SPOTLIGHT: The psalmist said: “The lines have fallen to me in pleasant places. Yes, I have a good inheritance.”


We are going to look briefly at the 17 lines on a rugby field and how we have inherited them, including the remarkable history of the dead-ball line.

In the beginning, there were no lines; in fact, there were no fields. Games were played from village to village or within a village/town.

Then came the move of a game with a ball and lots of boy activity to schools. Very often the game was formed to suit the ground available. And the ground at Rugby School, the big trend-setter, was called the Close, which is roughly the size and shape of a modern rugby field.

There the boys would gather for a contest – School House vs the Rest. They immediately adopted one principle from ancient times – that the game should staff halfway between end points, halfway between goals. That would have eventually given the first of today’s 17 lines. The one team was on one side of the originally imaginary line, the other on the other side, which is how the word “side” became a synonym for team.

17? Yes. Seven solid lines and four sets of dash lines are parallel across the width of the field. Two solid lines and four dotted lines run the length of the field. They were not always there.

The first addition to the natural field was the goal posts at either end. The goal (= purpose, end to be reached, target) mostly took its shape from the doorway into the leader’s house when the game was played within a village or town. At Rugby School, only boys of substance were allowed to “follow up”. The rest were packed into the goal to prevent a goal. It became hard to score a goal and so Rugby School extended the uprights, giving the game the H-shaped goalposts which it still has. And it drew its next two lines.


(Continue reading below … )

Because the goal became packed it was decided to extend the line of the goal and a line was cut through each goal, parallel to each other.

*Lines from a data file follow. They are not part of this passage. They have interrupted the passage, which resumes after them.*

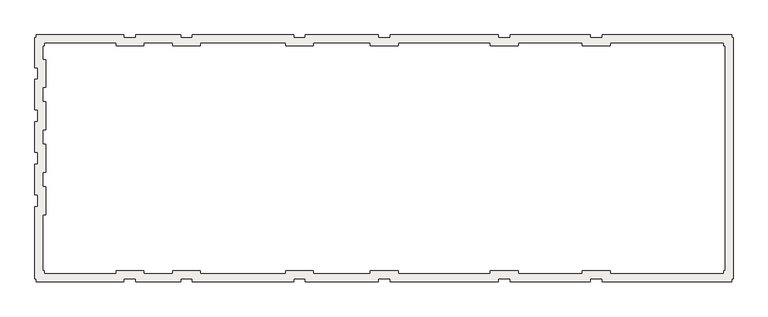
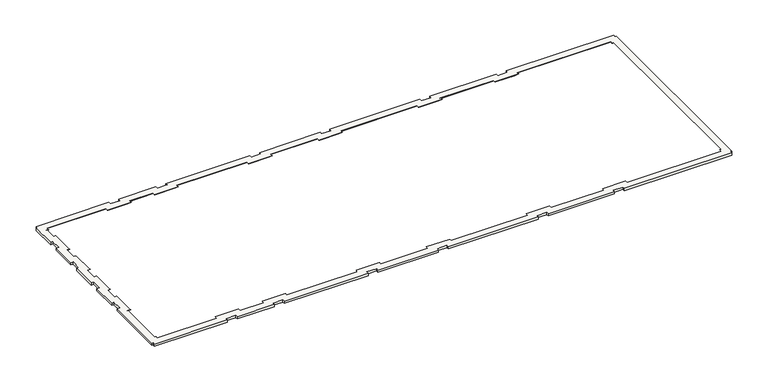
"""IFC4 building model written with IfcOpenShell, lengths in millimetres: slab geometry, HAUNCH FOR SOG : FTS801_Haunch_GS."""

from ifc_helpers import new_model, si_unit, origin, place, context, project, spatial, faceted_brep, source, transform, mapped, element, save


def slab_ae3d626d(model_context):
    return source(origin(), model_context, "Body", "Brep", [
        faceted_brep([(370.0, 38729.5208589, 399.9720055), (370.0, 38729.5208589, 199.9720055), (370.0, 38529.5208589, 199.9720055), (370.0, 38529.5208589, 399.9720055), (770.0, 38329.5208589, 199.9720055), (970.0, 38129.5208589, 399.9720055), (970.0, 37929.5208589, 399.9720055), (770.0, 38129.5208589, 199.9720055), (270.0, 38529.5208589, 199.9720055), (270.0, 38529.5208589, 399.9720055), (870.0, 37929.5208589, 399.9720055), (670.0, 38129.5208589, 199.9720055), (270.0, 36419.5208589, 199.9720055), (270.0, 36419.5208589, 399.9720055), (870.0, 37019.5208589, 399.9720055), (670.0, 36819.5208589, 199.9720055), (470.0, 36419.5208589, 199.9720055), (470.0, 36419.5208589, 399.9720055), (405.0, 36419.5208589, 399.9720055), (1070.0, 37019.5208589, 399.9720055), (870.0, 36819.5208589, 199.9720055), (470.0, 35579.5208589, 199.9720055), (470.0, 35579.5208589, 399.9720055), (1070.0, 34979.5208589, 399.9720055), (870.0, 35179.5208589, 199.9720055), (270.0, 35579.5208589, 199.9720055), (270.0, 35579.5208589, 399.9720055), (405.0, 35579.5208589, 399.9720055), (870.0, 34979.5208589, 399.9720055), (670.0, 35179.5208589, 199.9720055), (270.0, 33419.5208589, 199.9720055), (270.0, 33419.5208589, 399.9720055), (870.0, 34019.5208589, 399.9720055), (670.0, 33819.5208589, 199.9720055), (470.0, 33419.5208589, 199.9720055), (470.0, 33419.5208589, 399.9720055), (405.0, 33419.5208589, 399.9720055), (1070.0, 34019.5208589, 399.9720055), (870.0, 33819.5208589, 199.9720055), (470.0, 32579.5208589, 199.9720055), (470.0, 32579.5208589, 399.9720055), (1070.0, 31979.5208589, 399.9720055), (870.0, 32179.5208589, 199.9720055), (270.0, 32579.5208589, 199.9720055), (270.0, 32579.5208589, 399.9720055), (405.0, 32579.5208589, 399.9720055), (870.0, 31979.5208589, 399.9720055), (670.0, 32179.5208589, 199.9720055), (270.0, 30419.5208589, 199.9720055), (270.0, 30419.5208589, 399.9720055), (870.0, 31019.5208589, 399.9720055), (670.0, 30819.5208589, 199.9720055), (470.0, 30419.5208589, 199.9720055), (470.0, 30419.5208589, 399.9720055), (405.0, 30419.5208589, 399.9720055), (1070.0, 31019.5208589, 399.9720055), (870.0, 30819.5208589, 199.9720055), (470.0, 29579.5208589, 199.9720055), (470.0, 29579.5208589, 399.9720055), (1070.0, 28979.5208589, 399.9720055), (870.0, 29179.5208589, 199.9720055), (270.0, 29579.5208589, 199.9720055), (270.0, 29579.5208589, 399.9720055), (405.0, 29579.5208589, 399.9720055), (870.0, 28979.5208589, 399.9720055), (670.0, 29179.5208589, 199.9720055), (270.0, 27419.5208589, 199.9720055), (270.0, 27419.5208589, 399.9720055), (870.0, 28019.5208589, 399.9720055), (670.0, 27819.5208589, 199.9720055), (470.0, 27419.5208589, 199.9720055), (470.0, 27419.5208589, 399.9720055), (405.0, 27419.5208589, 399.9720055), (1070.0, 28019.5208589, 399.9720055), (870.0, 27819.5208589, 199.9720055), (470.0, 26579.5208589, 199.9720055), (470.0, 26579.5208589, 399.9720055), (1070.0, 25979.5208589, 399.9720055), (870.0, 26179.5208589, 199.9720055), (270.0, 26579.5208589, 199.9720055), (270.0, 26579.5208589, 399.9720055), (405.0, 26579.5208589, 399.9720055), (870.0, 25979.5208589, 399.9720055), (670.0, 26179.5208589, 199.9720055), (270.0, 21469.5208589, 199.9720055), (270.0, 21469.5208589, 399.9720055), (870.0, 22069.5208589, 399.9720055), (670.0, 21869.5208589, 199.9720055), (370.0, 21469.5208589, 199.9720055), (370.0, 21469.5208589, 399.9720055), (970.0, 22069.5208589, 399.9720055), (770.0, 21869.5208589, 199.9720055), (370.0, 21269.5208589, 199.9720055), (370.0, 21269.5208589, 399.9720055), (970.0, 21869.5208589, 399.9720055), (770.0, 21669.5208589, 199.9720055), (6574.0, 21269.5208589, 199.9720055), (6574.0, 21269.5208589, 399.9720055), (5974.0, 21869.5208589, 399.9720055), (6174.0, 21669.5208589, 199.9720055), (6574.0, 21469.5208589, 199.9720055), (6574.0, 21469.5208589, 399.9720055), (5974.0, 22069.5208589, 399.9720055), (6174.0, 21869.5208589, 199.9720055), (7414.0, 21469.5208589, 199.9720055), (7414.0, 21469.5208589, 399.9720055), (8014.0, 22069.5208589, 399.9720055), (7814.0, 21869.5208589, 199.9720055), (7414.0, 21269.5208589, 199.9720055), (7414.0, 21269.5208589, 399.9720055), (8014.0, 21869.5208589, 399.9720055), (7814.0, 21669.5208589, 199.9720055), (10574.0, 21269.5208589, 199.9720055), (10574.0, 21269.5208589, 399.9720055), (9974.0, 21869.5208589, 399.9720055), (10174.0, 21669.5208589, 199.9720055), (10574.0, 21469.5208589, 199.9720055), (10574.0, 21469.5208589, 399.9720055), (9974.0, 22069.5208589, 399.9720055), (10174.0, 21869.5208589, 199.9720055), (11414.0, 21469.5208589, 199.9720055), (11414.0, 21469.5208589, 399.9720055), (12014.0, 22069.5208589, 399.9720055), (11814.0, 21869.5208589, 199.9720055), (11414.0, 21269.5208589, 199.9720055), (11414.0, 21269.5208589, 399.9720055), (12014.0, 21869.5208589, 399.9720055), (11814.0, 21669.5208589, 199.9720055), (18574.0, 21269.5208589, 199.9720055), (18574.0, 21269.5208589, 399.9720055), (17974.0, 21869.5208589, 399.9720055), (18174.0, 21669.5208589, 199.9720055), (18574.0, 21469.5208589, 199.9720055), (18574.0, 21469.5208589, 399.9720055), (17974.0, 22069.5208589, 399.9720055), (18174.0, 21869.5208589, 199.9720055), (19414.0, 21469.5208589, 199.9720055), (19414.0, 21469.5208589, 399.9720055), (20014.0, 22069.5208589, 399.9720055), (19814.0, 21869.5208589, 199.9720055), (19414.0, 21269.5208589, 199.9720055), (19414.0, 21269.5208589, 399.9720055), (20014.0, 21869.5208589, 399.9720055), (19814.0, 21669.5208589, 199.9720055), (24574.0, 21269.5208589, 199.9720055), (24574.0, 21269.5208589, 399.9720055), (23974.0, 21869.5208589, 399.9720055), (24174.0, 21669.5208589, 199.9720055), (24574.0, 21469.5208589, 199.9720055), (24574.0, 21469.5208589, 399.9720055), (23974.0, 22069.5208589, 399.9720055), (24174.0, 21869.5208589, 199.9720055), (25414.0, 21469.5208589, 199.9720055), (25414.0, 21469.5208589, 399.9720055), (26014.0, 22069.5208589, 399.9720055), (25814.0, 21869.5208589, 199.9720055), (25414.0, 21269.5208589, 199.9720055), (25414.0, 21269.5208589, 399.9720055), (26014.0, 21869.5208589, 399.9720055), (25814.0, 21669.5208589, 199.9720055), (33074.0, 21269.5208589, 199.9720055), (33074.0, 21269.5208589, 399.9720055), (32474.0, 21869.5208589, 399.9720055), (32674.0, 21669.5208589, 199.9720055), (33074.0, 21469.5208589, 199.9720055), (33074.0, 21469.5208589, 399.9720055), (32474.0, 22069.5208589, 399.9720055), (32674.0, 21869.5208589, 199.9720055), (33914.0, 21469.5208589, 199.9720055), (33914.0, 21469.5208589, 399.9720055), (34514.0, 22069.5208589, 399.9720055), (34314.0, 21869.5208589, 199.9720055), (33914.0, 21269.5208589, 199.9720055), (33914.0, 21269.5208589, 399.9720055), (34514.0, 21869.5208589, 399.9720055), (34314.0, 21669.5208589, 199.9720055), (39574.0, 21269.5208589, 199.9720055), (39574.0, 21269.5208589, 399.9720055), (38974.0, 21869.5208589, 399.9720055), (39174.0, 21669.5208589, 199.9720055), (39574.0, 21469.5208589, 199.9720055), (39574.0, 21469.5208589, 399.9720055), (38974.0, 22069.5208589, 399.9720055), (39174.0, 21869.5208589, 199.9720055), (40414.0, 21469.5208589, 199.9720055), (40414.0, 21469.5208589, 399.9720055), (41014.0, 22069.5208589, 399.9720055), (40814.0, 21869.5208589, 199.9720055), (40414.0, 21269.5208589, 199.9720055), (40414.0, 21269.5208589, 399.9720055), (41014.0, 21869.5208589, 399.9720055), (40814.0, 21669.5208589, 199.9720055), (49580.0, 21269.5208589, 199.9720055), (49580.0, 21269.5208589, 399.9720055), (48980.0, 21869.5208589, 399.9720055), (49180.0, 21669.5208589, 199.9720055), (49580.0, 21469.5208589, 199.9720055), (49580.0, 21469.5208589, 399.9720055), (48980.0, 22069.5208589, 399.9720055), (49180.0, 21869.5208589, 199.9720055), (49680.0, 21469.5208589, 199.9720055), (49680.0, 21469.5208589, 399.9720055), (49595.0, 21469.5208589, 399.9720055), (49080.0, 22069.5208589, 399.9720055), (49280.0, 21869.5208589, 199.9720055), (49680.0, 38529.5208589, 199.9720055), (49680.0, 38529.5208589, 399.9720055), (49080.0, 37929.5208589, 399.9720055), (49280.0, 38129.5208589, 199.9720055), (49580.0, 38529.5208589, 199.9720055), (49580.0, 38529.5208589, 399.9720055), (49595.0, 38529.5208589, 399.9720055), (48980.0, 37929.5208589, 399.9720055), (49180.0, 38129.5208589, 199.9720055), (49580.0, 38729.5208589, 199.9720055), (49580.0, 38729.5208589, 399.9720055), (48980.0, 38129.5208589, 399.9720055), (49180.0, 38329.5208589, 199.9720055), (40414.0, 38729.5208589, 199.9720055), (40414.0, 38729.5208589, 399.9720055), (41014.0, 38129.5208589, 399.9720055), (40814.0, 38329.5208589, 199.9720055), (40414.0, 38529.5208589, 199.9720055), (40414.0, 38529.5208589, 399.9720055), (41014.0, 37929.5208589, 399.9720055), (40814.0, 38129.5208589, 199.9720055), (39574.0, 38529.5208589, 199.9720055), (39574.0, 38529.5208589, 399.9720055), (38974.0, 37929.5208589, 399.9720055), (39174.0, 38129.5208589, 199.9720055), (39574.0, 38729.5208589, 199.9720055), (39574.0, 38729.5208589, 399.9720055), (38974.0, 38129.5208589, 399.9720055), (39174.0, 38329.5208589, 199.9720055), (33914.0, 38729.5208589, 199.9720055), (33914.0, 38729.5208589, 399.9720055), (34514.0, 38129.5208589, 399.9720055), (34314.0, 38329.5208589, 199.9720055), (33914.0, 38529.5208589, 199.9720055), (33914.0, 38529.5208589, 399.9720055), (34514.0, 37929.5208589, 399.9720055), (34314.0, 38129.5208589, 199.9720055), (33074.0, 38529.5208589, 199.9720055), (33074.0, 38529.5208589, 399.9720055), (32474.0, 37929.5208589, 399.9720055), (32674.0, 38129.5208589, 199.9720055), (33074.0, 38729.5208589, 199.9720055), (33074.0, 38729.5208589, 399.9720055), (32474.0, 38129.5208589, 399.9720055), (32674.0, 38329.5208589, 199.9720055), (25414.0, 38729.5208589, 199.9720055), (25414.0, 38729.5208589, 399.9720055), (26014.0, 38129.5208589, 399.9720055), (25814.0, 38329.5208589, 199.9720055), (25414.0, 38529.5208589, 199.9720055), (25414.0, 38529.5208589, 399.9720055), (26014.0, 37929.5208589, 399.9720055), (25814.0, 38129.5208589, 199.9720055), (24574.0, 38529.5208589, 199.9720055), (24574.0, 38529.5208589, 399.9720055), (23974.0, 37929.5208589, 399.9720055), (24174.0, 38129.5208589, 199.9720055), (24574.0, 38729.5208589, 199.9720055), (24574.0, 38729.5208589, 399.9720055), (23974.0, 38129.5208589, 399.9720055), (24174.0, 38329.5208589, 199.9720055), (19414.0, 38729.5208589, 199.9720055), (19414.0, 38729.5208589, 399.9720055), (20014.0, 38129.5208589, 399.9720055), (19814.0, 38329.5208589, 199.9720055), (19414.0, 38529.5208589, 199.9720055), (19414.0, 38529.5208589, 399.9720055), (20014.0, 37929.5208589, 399.9720055), (19814.0, 38129.5208589, 199.9720055), (18574.0, 38529.5208589, 199.9720055), (18574.0, 38529.5208589, 399.9720055), (17974.0, 37929.5208589, 399.9720055), (18174.0, 38129.5208589, 199.9720055), (18574.0, 38729.5208589, 199.9720055), (18574.0, 38729.5208589, 399.9720055), (17974.0, 38129.5208589, 399.9720055), (18174.0, 38329.5208589, 199.9720055), (11414.0, 38729.5208589, 199.9720055), (11414.0, 38729.5208589, 399.9720055), (12014.0, 38129.5208589, 399.9720055), (11814.0, 38329.5208589, 199.9720055), (11414.0, 38529.5208589, 199.9720055), (11414.0, 38529.5208589, 399.9720055), (12014.0, 37929.5208589, 399.9720055), (11814.0, 38129.5208589, 199.9720055), (10574.0, 38529.5208589, 199.9720055), (10574.0, 38529.5208589, 399.9720055), (9974.0, 37929.5208589, 399.9720055), (10174.0, 38129.5208589, 199.9720055), (10574.0, 38729.5208589, 199.9720055), (10574.0, 38729.5208589, 399.9720055), (9974.0, 38129.5208589, 399.9720055), (10174.0, 38329.5208589, 199.9720055), (7414.0, 38729.5208589, 199.9720055), (7414.0, 38729.5208589, 399.9720055), (8014.0, 38129.5208589, 399.9720055), (7814.0, 38329.5208589, 199.9720055), (7414.0, 38529.5208589, 199.9720055), (7414.0, 38529.5208589, 399.9720055), (8014.0, 37929.5208589, 399.9720055), (7814.0, 38129.5208589, 199.9720055), (6574.0, 38529.5208589, 199.9720055), (6574.0, 38529.5208589, 399.9720055), (5974.0, 37929.5208589, 399.9720055), (6174.0, 38129.5208589, 199.9720055), (6574.0, 38729.5208589, 199.9720055), (6574.0, 38729.5208589, 399.9720055), (5974.0, 38129.5208589, 399.9720055), (6174.0, 38329.5208589, 199.9720055)], [[[0, 1, 2, 3]], [[4, 5, 6, 7]], [[3, 2, 8, 9]], [[7, 6, 10, 11]], [[9, 8, 12, 13]], [[11, 10, 14, 15]], [[13, 12, 16, 17, 18]], [[15, 14, 19, 20]], [[17, 16, 21, 22]], [[20, 19, 23, 24]], [[22, 21, 25, 26, 27]], [[24, 23, 28, 29]], [[26, 25, 30, 31]], [[29, 28, 32, 33]], [[31, 30, 34, 35, 36]], [[33, 32, 37, 38]], [[35, 34, 39, 40]], [[38, 37, 41, 42]], [[40, 39, 43, 44, 45]], [[42, 41, 46, 47]], [[44, 43, 48, 49]], [[47, 46, 50, 51]], [[49, 48, 52, 53, 54]], [[51, 50, 55, 56]], [[53, 52, 57, 58]], [[56, 55, 59, 60]], [[58, 57, 61, 62, 63]], [[60, 59, 64, 65]], [[62, 61, 66, 67]], [[65, 64, 68, 69]], [[67, 66, 70, 71, 72]], [[69, 68, 73, 74]], [[71, 70, 75, 76]], [[74, 73, 77, 78]], [[76, 75, 79, 80, 81]], [[78, 77, 82, 83]], [[80, 79, 84, 85]], [[83, 82, 86, 87]], [[85, 84, 88, 89]], [[87, 86, 90, 91]], [[89, 88, 92, 93]], [[91, 90, 94, 95]], [[93, 92, 96, 97]], [[95, 94, 98, 99]], [[97, 96, 100, 101]], [[99, 98, 102, 103]], [[101, 100, 104, 105]], [[103, 102, 106, 107]], [[105, 104, 108, 109]], [[107, 106, 110, 111]], [[109, 108, 112, 113]], [[111, 110, 114, 115]], [[113, 112, 116, 117]], [[115, 114, 118, 119]], [[117, 116, 120, 121]], [[119, 118, 122, 123]], [[121, 120, 124, 125]], [[123, 122, 126, 127]], [[125, 124, 128, 129]], [[127, 126, 130, 131]], [[129, 128, 132, 133]], [[131, 130, 134, 135]], [[133, 132, 136, 137]], [[135, 134, 138, 139]], [[137, 136, 140, 141]], [[139, 138, 142, 143]], [[141, 140, 144, 145]], [[143, 142, 146, 147]], [[145, 144, 148, 149]], [[147, 146, 150, 151]], [[149, 148, 152, 153]], [[151, 150, 154, 155]], [[153, 152, 156, 157]], [[155, 154, 158, 159]], [[157, 156, 160, 161]], [[159, 158, 162, 163]], [[161, 160, 164, 165]], [[163, 162, 166, 167]], [[165, 164, 168, 169]], [[167, 166, 170, 171]], [[169, 168, 172, 173]], [[171, 170, 174, 175]], [[173, 172, 176, 177]], [[175, 174, 178, 179]], [[177, 176, 180, 181]], [[179, 178, 182, 183]], [[181, 180, 184, 185]], [[183, 182, 186, 187]], [[185, 184, 188, 189]], [[187, 186, 190, 191]], [[189, 188, 192, 193]], [[191, 190, 194, 195]], [[193, 192, 196, 197]], [[195, 194, 198, 199]], [[197, 196, 200, 201, 202]], [[199, 198, 203, 204]], [[201, 200, 205, 206]], [[204, 203, 207, 208]], [[206, 205, 209, 210, 211]], [[208, 207, 212, 213]], [[210, 209, 214, 215]], [[213, 212, 216, 217]], [[215, 214, 218, 219]], [[217, 216, 220, 221]], [[219, 218, 222, 223]], [[221, 220, 224, 225]], [[223, 222, 226, 227]], [[225, 224, 228, 229]], [[227, 226, 230, 231]], [[229, 228, 232, 233]], [[231, 230, 234, 235]], [[233, 232, 236, 237]], [[235, 234, 238, 239]], [[237, 236, 240, 241]], [[239, 238, 242, 243]], [[241, 240, 244, 245]], [[243, 242, 246, 247]], [[245, 244, 248, 249]], [[247, 246, 250, 251]], [[249, 248, 252, 253]], [[251, 250, 254, 255]], [[253, 252, 256, 257]], [[255, 254, 258, 259]], [[257, 256, 260, 261]], [[259, 258, 262, 263]], [[261, 260, 264, 265]], [[263, 262, 266, 267]], [[265, 264, 268, 269]], [[267, 266, 270, 271]], [[269, 268, 272, 273]], [[271, 270, 274, 275]], [[273, 272, 276, 277]], [[275, 274, 278, 279]], [[277, 276, 280, 281]], [[279, 278, 282, 283]], [[281, 280, 284, 285]], [[283, 282, 286, 287]], [[285, 284, 288, 289]], [[287, 286, 290, 291]], [[289, 288, 292, 293]], [[291, 290, 294, 295]], [[293, 292, 296, 297]], [[295, 294, 298, 299]], [[297, 296, 300, 301]], [[299, 298, 302, 303]], [[301, 300, 304, 305]], [[303, 302, 306, 307]], [[305, 304, 308, 309]], [[307, 306, 310, 311]], [[309, 308, 312, 313]], [[311, 310, 1, 0]], [[303, 307, 311, 0, 3, 9, 13, 18, 17, 22, 27, 26, 31, 36, 35, 40, 45, 44, 49, 54, 53, 58, 63, 62, 67, 72, 71, 76, 81, 80, 85, 89, 93, 97, 101, 105, 109, 113, 117, 121, 125, 129, 133, 137, 141, 145, 149, 153, 157, 161, 165, 169, 173, 177, 181, 185, 189, 193, 197, 202, 201, 206, 211, 210, 215, 219, 223, 227, 231, 235, 239, 243, 247, 251, 255, 259, 263, 267, 271, 275, 279, 283, 287, 291, 295, 299], [5, 312, 308, 304, 300, 296, 292, 288, 284, 280, 276, 272, 268, 264, 260, 256, 252, 248, 244, 240, 236, 232, 228, 224, 220, 216, 212, 207, 203, 198, 194, 190, 186, 182, 178, 174, 170, 166, 162, 158, 154, 150, 146, 142, 138, 134, 130, 126, 122, 118, 114, 110, 106, 102, 98, 94, 90, 86, 82, 77, 73, 68, 64, 59, 55, 50, 46, 41, 37, 32, 28, 23, 19, 14, 10, 6]], [[313, 312, 5, 4]], [[1, 310, 306, 302, 298, 294, 290, 286, 282, 278, 274, 270, 266, 262, 258, 254, 250, 246, 242, 238, 234, 230, 226, 222, 218, 214, 209, 205, 200, 196, 192, 188, 184, 180, 176, 172, 168, 164, 160, 156, 152, 148, 144, 140, 136, 132, 128, 124, 120, 116, 112, 108, 104, 100, 96, 92, 88, 84, 79, 75, 70, 66, 61, 57, 52, 48, 43, 39, 34, 30, 25, 21, 16, 12, 8, 2], [305, 309, 313, 4, 7, 11, 15, 20, 24, 29, 33, 38, 42, 47, 51, 56, 60, 65, 69, 74, 78, 83, 87, 91, 95, 99, 103, 107, 111, 115, 119, 123, 127, 131, 135, 139, 143, 147, 151, 155, 159, 163, 167, 171, 175, 179, 183, 187, 191, 195, 199, 204, 208, 213, 217, 221, 225, 229, 233, 237, 241, 245, 249, 253, 257, 261, 265, 269, 273, 277, 281, 285, 289, 293, 297, 301]]]),
    ])


if __name__ == "__main__":
    model = new_model("IFC4")
    model_context = context("Model", 3, world=origin())
    ifc_project = project(units=[si_unit("LENGTHUNIT", "METRE", prefix="MILLI")], contexts=[model_context])
    site = spatial("IfcSite", under=ifc_project)
    building = spatial("IfcBuilding", under=site)
    placement = place(None, origin())
    slab_shape = slab_ae3d626d(model_context)
    element("IfcSlab", 1, ObjectType="HAUNCH FOR SOG : FTS801_Haunch_GS", at=placement, inside=building, context=model_context, shape_type="MappedRepresentation", body=[
        mapped(slab_shape, transform((0.0, 0.0, 0.0), x_axis=(1.0, 0.0, 0.0), y_axis=(0.0, 1.0, 0.0), z_axis=(0.0, 0.0, 1.0))),
    ])
    save(model, "model.ifc")

# Revit data of these elements
# Element 1 (IfcSlab, "HAUNCH FOR SOG : FTS801_Haunch_GS")
#   Materials on its faces: "A03AD032-00010_Structural Concrete_UG_20-24MPa"
# Materials
#   "A03AD032-00010_Structural Concrete_UG_20-24MPa": class "Concrete", colour RGB 176 176 176, transparency 0, Keynote = "09910.A1", Description = "Substructure Concrete / Cement Type-1 / 24MPa", Cost = 0

The ball became dead when it was grounded, this is an early principle of the game – grounding the ball, killing it by pressing it to the ground. Killing it meant it was dead. The only way of scoring in those early days was by kicking the ball through the goal, and so, if the ball was grounded in the goal area, it did not count as a goal but enabled the team grounding the ball to try to kick a goal. If the ball was touched down a long way out the player had a chance to improve the position by making a mark where he caught the ball to pin the defenders back and then punting it from there infield to the player who would make a mark and then take the ball back to try to improve (convert) it into a goal with a place kick or a drop-kick. When the original player punted the ball the opposition could charge like billy-ho to catch the catcher and prevent his making a mark.


Now we have two lines. At Rugby School they were cut into the turf. The laws now require the lines to be “suitably marked out” but cutting them would still be allowed .

The next lines introduced were the lines on the side to keep spectators off the field. These came to be called the touchlines.

Why? Because if a player or the ball touched them, they were out? No.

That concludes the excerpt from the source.